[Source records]
▽

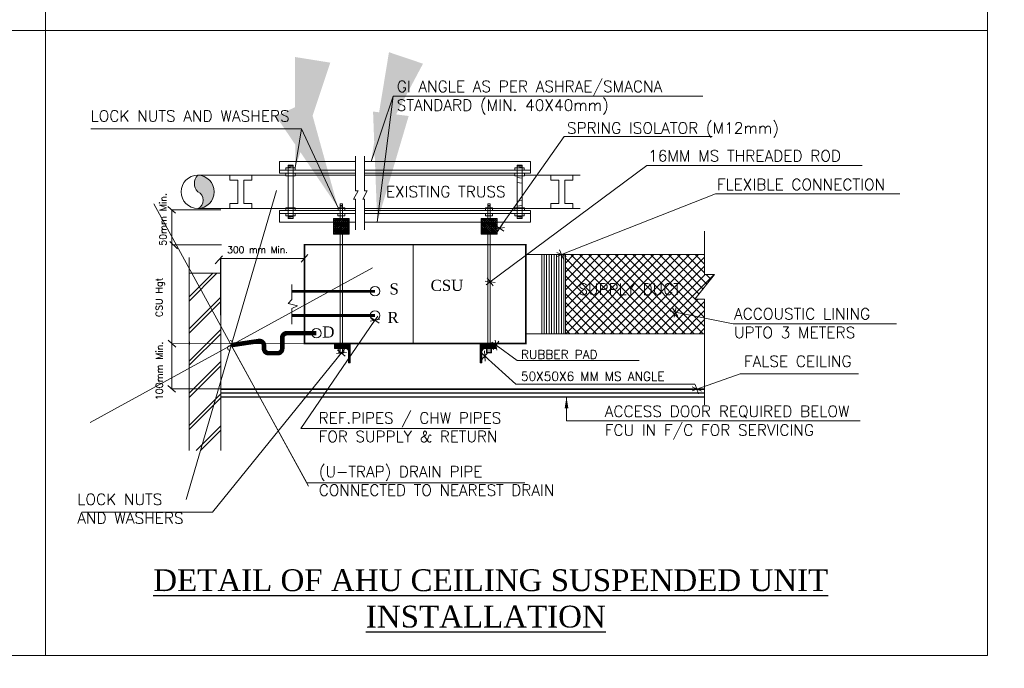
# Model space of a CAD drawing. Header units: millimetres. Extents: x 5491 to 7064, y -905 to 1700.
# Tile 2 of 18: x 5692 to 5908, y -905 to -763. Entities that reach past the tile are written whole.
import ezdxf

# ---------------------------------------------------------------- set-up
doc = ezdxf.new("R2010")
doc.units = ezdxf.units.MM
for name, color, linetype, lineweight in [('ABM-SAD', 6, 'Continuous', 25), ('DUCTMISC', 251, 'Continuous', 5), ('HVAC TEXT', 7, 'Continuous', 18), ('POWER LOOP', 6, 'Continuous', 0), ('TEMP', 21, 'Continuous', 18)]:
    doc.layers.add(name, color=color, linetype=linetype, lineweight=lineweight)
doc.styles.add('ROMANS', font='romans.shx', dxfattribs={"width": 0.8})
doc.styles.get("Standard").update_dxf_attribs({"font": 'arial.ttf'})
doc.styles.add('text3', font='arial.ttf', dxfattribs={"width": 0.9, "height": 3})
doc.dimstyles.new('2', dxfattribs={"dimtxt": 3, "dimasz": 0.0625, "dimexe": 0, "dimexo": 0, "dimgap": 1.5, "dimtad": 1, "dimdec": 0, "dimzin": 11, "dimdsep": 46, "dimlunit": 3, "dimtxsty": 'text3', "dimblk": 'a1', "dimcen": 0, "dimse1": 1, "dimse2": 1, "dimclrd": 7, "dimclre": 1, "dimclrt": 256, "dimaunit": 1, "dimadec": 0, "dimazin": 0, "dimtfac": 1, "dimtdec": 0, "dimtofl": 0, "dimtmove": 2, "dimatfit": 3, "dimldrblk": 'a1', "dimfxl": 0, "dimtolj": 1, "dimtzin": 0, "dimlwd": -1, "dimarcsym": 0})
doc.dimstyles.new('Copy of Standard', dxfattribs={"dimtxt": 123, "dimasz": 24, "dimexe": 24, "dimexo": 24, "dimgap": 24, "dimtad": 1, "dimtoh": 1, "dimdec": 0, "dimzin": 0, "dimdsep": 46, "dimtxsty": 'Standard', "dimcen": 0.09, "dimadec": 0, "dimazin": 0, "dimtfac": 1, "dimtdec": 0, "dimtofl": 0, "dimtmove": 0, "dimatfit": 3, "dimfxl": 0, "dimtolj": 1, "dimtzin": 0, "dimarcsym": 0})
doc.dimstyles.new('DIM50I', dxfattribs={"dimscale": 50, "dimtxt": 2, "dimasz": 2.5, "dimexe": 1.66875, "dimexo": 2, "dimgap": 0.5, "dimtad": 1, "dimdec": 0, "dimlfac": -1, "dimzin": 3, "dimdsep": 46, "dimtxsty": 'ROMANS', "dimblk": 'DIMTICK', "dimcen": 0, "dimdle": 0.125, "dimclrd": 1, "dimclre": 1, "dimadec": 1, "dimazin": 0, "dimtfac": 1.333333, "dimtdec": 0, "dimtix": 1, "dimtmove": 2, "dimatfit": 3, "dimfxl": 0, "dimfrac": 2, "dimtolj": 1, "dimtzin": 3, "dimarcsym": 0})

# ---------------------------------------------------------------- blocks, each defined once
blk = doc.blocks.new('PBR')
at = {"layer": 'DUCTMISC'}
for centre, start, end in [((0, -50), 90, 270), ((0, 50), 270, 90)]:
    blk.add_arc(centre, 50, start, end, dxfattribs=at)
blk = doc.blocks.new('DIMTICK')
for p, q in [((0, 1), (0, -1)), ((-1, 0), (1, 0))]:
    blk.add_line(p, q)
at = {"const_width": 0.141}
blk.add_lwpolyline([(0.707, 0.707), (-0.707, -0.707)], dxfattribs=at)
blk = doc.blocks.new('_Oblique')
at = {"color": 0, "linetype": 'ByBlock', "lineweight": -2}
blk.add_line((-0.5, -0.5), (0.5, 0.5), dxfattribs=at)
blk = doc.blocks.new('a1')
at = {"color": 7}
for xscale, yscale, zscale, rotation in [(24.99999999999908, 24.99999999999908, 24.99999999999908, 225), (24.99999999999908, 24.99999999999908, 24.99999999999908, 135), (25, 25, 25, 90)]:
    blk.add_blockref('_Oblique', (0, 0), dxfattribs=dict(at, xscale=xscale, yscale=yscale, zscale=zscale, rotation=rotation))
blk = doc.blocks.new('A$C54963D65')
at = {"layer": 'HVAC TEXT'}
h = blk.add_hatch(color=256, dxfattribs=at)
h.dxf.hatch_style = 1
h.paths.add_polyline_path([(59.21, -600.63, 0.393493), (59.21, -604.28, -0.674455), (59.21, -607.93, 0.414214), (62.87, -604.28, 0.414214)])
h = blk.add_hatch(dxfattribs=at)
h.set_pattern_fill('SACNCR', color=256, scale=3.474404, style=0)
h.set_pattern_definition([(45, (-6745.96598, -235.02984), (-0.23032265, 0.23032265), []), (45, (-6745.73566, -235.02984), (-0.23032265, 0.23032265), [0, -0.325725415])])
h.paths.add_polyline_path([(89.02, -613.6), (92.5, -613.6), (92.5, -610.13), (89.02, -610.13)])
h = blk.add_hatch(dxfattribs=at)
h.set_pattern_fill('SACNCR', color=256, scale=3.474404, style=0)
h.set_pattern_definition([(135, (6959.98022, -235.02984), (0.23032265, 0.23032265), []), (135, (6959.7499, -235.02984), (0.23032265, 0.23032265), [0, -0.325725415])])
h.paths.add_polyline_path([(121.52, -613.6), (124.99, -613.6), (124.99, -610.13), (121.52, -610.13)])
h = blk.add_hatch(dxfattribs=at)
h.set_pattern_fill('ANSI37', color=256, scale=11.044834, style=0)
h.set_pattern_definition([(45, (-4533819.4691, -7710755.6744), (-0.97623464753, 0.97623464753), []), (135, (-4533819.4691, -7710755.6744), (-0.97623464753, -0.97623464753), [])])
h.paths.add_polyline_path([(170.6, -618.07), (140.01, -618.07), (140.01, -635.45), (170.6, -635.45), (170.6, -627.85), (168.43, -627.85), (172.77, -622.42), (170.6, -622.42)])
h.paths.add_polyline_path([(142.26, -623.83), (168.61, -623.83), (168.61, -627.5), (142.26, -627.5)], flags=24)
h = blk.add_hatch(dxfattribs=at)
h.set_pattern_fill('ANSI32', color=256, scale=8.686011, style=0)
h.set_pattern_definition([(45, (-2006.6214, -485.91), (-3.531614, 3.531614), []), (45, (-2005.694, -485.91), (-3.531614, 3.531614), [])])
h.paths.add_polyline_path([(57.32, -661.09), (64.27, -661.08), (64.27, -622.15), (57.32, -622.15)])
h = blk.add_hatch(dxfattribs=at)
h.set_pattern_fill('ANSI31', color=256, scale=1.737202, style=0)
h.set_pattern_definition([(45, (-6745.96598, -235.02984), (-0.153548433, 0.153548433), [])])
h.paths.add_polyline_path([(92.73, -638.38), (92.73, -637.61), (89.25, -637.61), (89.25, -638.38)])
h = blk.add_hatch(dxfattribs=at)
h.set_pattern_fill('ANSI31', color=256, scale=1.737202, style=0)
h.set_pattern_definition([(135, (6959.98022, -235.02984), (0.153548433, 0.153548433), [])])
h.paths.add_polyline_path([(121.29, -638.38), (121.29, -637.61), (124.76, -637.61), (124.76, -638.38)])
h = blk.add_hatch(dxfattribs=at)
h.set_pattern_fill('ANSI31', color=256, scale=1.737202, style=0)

△

_Activity_
Omit the pictures, then output every record exactly as given.

_Your response_
# Model space of a CAD drawing. Header units: millimetres. Extents: x 5491 to 7064, y -905 to 1700.
# Tile 2 of 18: x 5692 to 5908, y -905 to -763. Entities that reach past the tile are written whole.
import ezdxf

# ---------------------------------------------------------------- set-up
doc = ezdxf.new("R2010")
doc.units = ezdxf.units.MM
for name, color, linetype, lineweight in [('ABM-SAD', 6, 'Continuous', 25), ('DUCTMISC', 251, 'Continuous', 5), ('HVAC TEXT', 7, 'Continuous', 18), ('POWER LOOP', 6, 'Continuous', 0), ('TEMP', 21, 'Continuous', 18)]:
    doc.layers.add(name, color=color, linetype=linetype, lineweight=lineweight)
doc.styles.add('ROMANS', font='romans.shx', dxfattribs={"width": 0.8})
doc.styles.get("Standard").update_dxf_attribs({"font": 'arial.ttf'})
doc.styles.add('text3', font='arial.ttf', dxfattribs={"width": 0.9, "height": 3})
doc.dimstyles.new('2', dxfattribs={"dimtxt": 3, "dimasz": 0.0625, "dimexe": 0, "dimexo": 0, "dimgap": 1.5, "dimtad": 1, "dimdec": 0, "dimzin": 11, "dimdsep": 46, "dimlunit": 3, "dimtxsty": 'text3', "dimblk": 'a1', "dimcen": 0, "dimse1": 1, "dimse2": 1, "dimclrd": 7, "dimclre": 1, "dimclrt": 256, "dimaunit": 1, "dimadec": 0, "dimazin": 0, "dimtfac": 1, "dimtdec": 0, "dimtofl": 0, "dimtmove": 2, "dimatfit": 3, "dimldrblk": 'a1', "dimfxl": 0, "dimtolj": 1, "dimtzin": 0, "dimlwd": -1, "dimarcsym": 0})
doc.dimstyles.new('Copy of Standard', dxfattribs={"dimtxt": 123, "dimasz": 24, "dimexe": 24, "dimexo": 24, "dimgap": 24, "dimtad": 1, "dimtoh": 1, "dimdec": 0, "dimzin": 0, "dimdsep": 46, "dimtxsty": 'Standard', "dimcen": 0.09, "dimadec": 0, "dimazin": 0, "dimtfac": 1, "dimtdec": 0, "dimtofl": 0, "dimtmove": 0, "dimatfit": 3, "dimfxl": 0, "dimtolj": 1, "dimtzin": 0, "dimarcsym": 0})
doc.dimstyles.new('DIM50I', dxfattribs={"dimscale": 50, "dimtxt": 2, "dimasz": 2.5, "dimexe": 1.66875, "dimexo": 2, "dimgap": 0.5, "dimtad": 1, "dimdec": 0, "dimlfac": -1, "dimzin": 3, "dimdsep": 46, "dimtxsty": 'ROMANS', "dimblk": 'DIMTICK', "dimcen": 0, "dimdle": 0.125, "dimclrd": 1, "dimclre": 1, "dimadec": 1, "dimazin": 0, "dimtfac": 1.333333, "dimtdec": 0, "dimtix": 1, "dimtmove": 2, "dimatfit": 3, "dimfxl": 0, "dimfrac": 2, "dimtolj": 1, "dimtzin": 3, "dimarcsym": 0})

# ---------------------------------------------------------------- blocks, each defined once
blk = doc.blocks.new('PBR')
at = {"layer": 'DUCTMISC'}
for centre, start, end in [((0, -50), 90, 270), ((0, 50), 270, 90)]:
    blk.add_arc(centre, 50, start, end, dxfattribs=at)
blk = doc.blocks.new('DIMTICK')
for p, q in [((0, 1), (0, -1)), ((-1, 0), (1, 0))]:
    blk.add_line(p, q)
at = {"const_width": 0.141}
blk.add_lwpolyline([(0.707, 0.707), (-0.707, -0.707)], dxfattribs=at)
blk = doc.blocks.new('_Oblique')
at = {"color": 0, "linetype": 'ByBlock', "lineweight": -2}
blk.add_line((-0.5, -0.5), (0.5, 0.5), dxfattribs=at)
blk = doc.blocks.new('a1')
at = {"color": 7}
for xscale, yscale, zscale, rotation in [(24.99999999999908, 24.99999999999908, 24.99999999999908, 225), (24.99999999999908, 24.99999999999908, 24.99999999999908, 135), (25, 25, 25, 90)]:
    blk.add_blockref('_Oblique', (0, 0), dxfattribs=dict(at, xscale=xscale, yscale=yscale, zscale=zscale, rotation=rotation))
blk = doc.blocks.new('A$C54963D65')
at = {"layer": 'HVAC TEXT'}
h = blk.add_hatch(color=256, dxfattribs=at)
h.dxf.hatch_style = 1
h.paths.add_polyline_path([(59.21, -600.63, 0.393493), (59.21, -604.28, -0.674455), (59.21, -607.93, 0.414214), (62.87, -604.28, 0.414214)])
h = blk.add_hatch(dxfattribs=at)
h.set_pattern_fill('SACNCR', color=256, scale=3.474404, style=0)
h.set_pattern_definition([(45, (-6745.96598, -235.02984), (-0.23032265, 0.23032265), []), (45, (-6745.73566, -235.02984), (-0.23032265, 0.23032265), [0, -0.325725415])])
h.paths.add_polyline_path([(89.02, -613.6), (92.5, -613.6), (92.5, -610.13), (89.02, -610.13)])
h = blk.add_hatch(dxfattribs=at)
h.set_pattern_fill('SACNCR', color=256, scale=3.474404, style=0)
h.set_pattern_definition([(135, (6959.98022, -235.02984), (0.23032265, 0.23032265), []), (135, (6959.7499, -235.02984), (0.23032265, 0.23032265), [0, -0.325725415])])
h.paths.add_polyline_path([(121.52, -613.6), (124.99, -613.6), (124.99, -610.13), (121.52, -610.13)])
h = blk.add_hatch(dxfattribs=at)
h.set_pattern_fill('ANSI37', color=256, scale=11.044834, style=0)
h.set_pattern_definition([(45, (-4533819.4691, -7710755.6744), (-0.97623464753, 0.97623464753), []), (135, (-4533819.4691, -7710755.6744), (-0.97623464753, -0.97623464753), [])])
h.paths.add_polyline_path([(170.6, -618.07), (140.01, -618.07), (140.01, -635.45), (170.6, -635.45), (170.6, -627.85), (168.43, -627.85), (172.77, -622.42), (170.6, -622.42)])
h.paths.add_polyline_path([(142.26, -623.83), (168.61, -623.83), (168.61, -627.5), (142.26, -627.5)], flags=24)
h = blk.add_hatch(dxfattribs=at)
h.set_pattern_fill('ANSI32', color=256, scale=8.686011, style=0)
h.set_pattern_definition([(45, (-2006.6214, -485.91), (-3.531614, 3.531614), []), (45, (-2005.694, -485.91), (-3.531614, 3.531614), [])])
h.paths.add_polyline_path([(57.32, -661.09), (64.27, -661.08), (64.27, -622.15), (57.32, -622.15)])
h = blk.add_hatch(dxfattribs=at)
h.set_pattern_fill('ANSI31', color=256, scale=1.737202, style=0)
h.set_pattern_definition([(45, (-6745.96598, -235.02984), (-0.153548433, 0.153548433), [])])
h.paths.add_polyline_path([(92.73, -638.38), (92.73, -637.61), (89.25, -637.61), (89.25, -638.38)])
h = blk.add_hatch(dxfattribs=at)
h.set_pattern_fill('ANSI31', color=256, scale=1.737202, style=0)
h.set_pattern_definition([(135, (6959.98022, -235.02984), (0.153548433, 0.153548433), [])])
h.paths.add_polyline_path([(121.29, -638.38), (121.29, -637.61), (124.76, -637.61), (124.76, -638.38)])
h = blk.add_hatch(dxfattribs=at)
h.set_pattern_fill('ANSI31', color=256, scale=1.737202, style=0)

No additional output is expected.